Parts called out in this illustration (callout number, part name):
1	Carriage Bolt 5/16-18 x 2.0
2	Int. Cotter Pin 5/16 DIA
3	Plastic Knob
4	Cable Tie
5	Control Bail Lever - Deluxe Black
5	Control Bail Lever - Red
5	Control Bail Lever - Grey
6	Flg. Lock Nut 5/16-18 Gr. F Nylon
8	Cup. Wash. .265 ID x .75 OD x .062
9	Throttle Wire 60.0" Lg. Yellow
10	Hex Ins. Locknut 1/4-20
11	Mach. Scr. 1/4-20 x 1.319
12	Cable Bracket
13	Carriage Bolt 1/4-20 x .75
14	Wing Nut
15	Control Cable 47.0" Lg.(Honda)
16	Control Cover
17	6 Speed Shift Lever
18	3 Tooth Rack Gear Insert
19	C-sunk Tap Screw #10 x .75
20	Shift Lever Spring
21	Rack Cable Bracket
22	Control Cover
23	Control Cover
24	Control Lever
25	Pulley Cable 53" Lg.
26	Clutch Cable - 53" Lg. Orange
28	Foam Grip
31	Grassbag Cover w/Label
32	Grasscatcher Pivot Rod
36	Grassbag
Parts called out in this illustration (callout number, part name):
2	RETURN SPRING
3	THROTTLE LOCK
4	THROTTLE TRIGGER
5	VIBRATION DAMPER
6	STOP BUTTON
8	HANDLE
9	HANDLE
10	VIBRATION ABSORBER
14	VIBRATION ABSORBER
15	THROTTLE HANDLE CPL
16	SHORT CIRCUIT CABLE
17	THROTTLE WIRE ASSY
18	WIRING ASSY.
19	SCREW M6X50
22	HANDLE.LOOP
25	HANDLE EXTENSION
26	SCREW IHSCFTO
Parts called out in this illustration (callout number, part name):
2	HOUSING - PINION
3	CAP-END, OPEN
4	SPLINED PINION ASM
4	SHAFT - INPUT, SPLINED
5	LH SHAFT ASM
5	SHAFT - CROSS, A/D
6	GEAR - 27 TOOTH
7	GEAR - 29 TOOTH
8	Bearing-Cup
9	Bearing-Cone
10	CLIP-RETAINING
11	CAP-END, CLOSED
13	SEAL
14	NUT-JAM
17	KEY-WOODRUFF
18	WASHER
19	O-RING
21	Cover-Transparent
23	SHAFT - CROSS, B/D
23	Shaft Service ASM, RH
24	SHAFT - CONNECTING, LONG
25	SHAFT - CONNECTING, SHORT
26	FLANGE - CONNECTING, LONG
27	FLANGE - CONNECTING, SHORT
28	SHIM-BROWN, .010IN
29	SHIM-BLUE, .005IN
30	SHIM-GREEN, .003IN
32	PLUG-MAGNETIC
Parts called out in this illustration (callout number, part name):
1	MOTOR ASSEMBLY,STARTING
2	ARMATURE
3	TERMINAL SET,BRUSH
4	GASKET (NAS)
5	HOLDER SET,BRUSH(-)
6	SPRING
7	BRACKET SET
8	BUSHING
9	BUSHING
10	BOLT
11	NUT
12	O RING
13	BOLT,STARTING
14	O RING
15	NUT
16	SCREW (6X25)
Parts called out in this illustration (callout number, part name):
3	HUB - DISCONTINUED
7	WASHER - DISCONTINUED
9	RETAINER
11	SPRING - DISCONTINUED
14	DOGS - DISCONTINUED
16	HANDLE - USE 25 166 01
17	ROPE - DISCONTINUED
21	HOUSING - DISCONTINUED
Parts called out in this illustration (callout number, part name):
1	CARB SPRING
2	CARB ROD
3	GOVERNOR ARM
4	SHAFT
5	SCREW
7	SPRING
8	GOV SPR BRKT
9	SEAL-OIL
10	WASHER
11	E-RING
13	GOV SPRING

● About this task
Working from the entries above, filter out every line that lacks "ABSORBER" and copy what remains.

● Written answer
10	VIBRATION ABSORBER
14	VIBRATION ABSORBER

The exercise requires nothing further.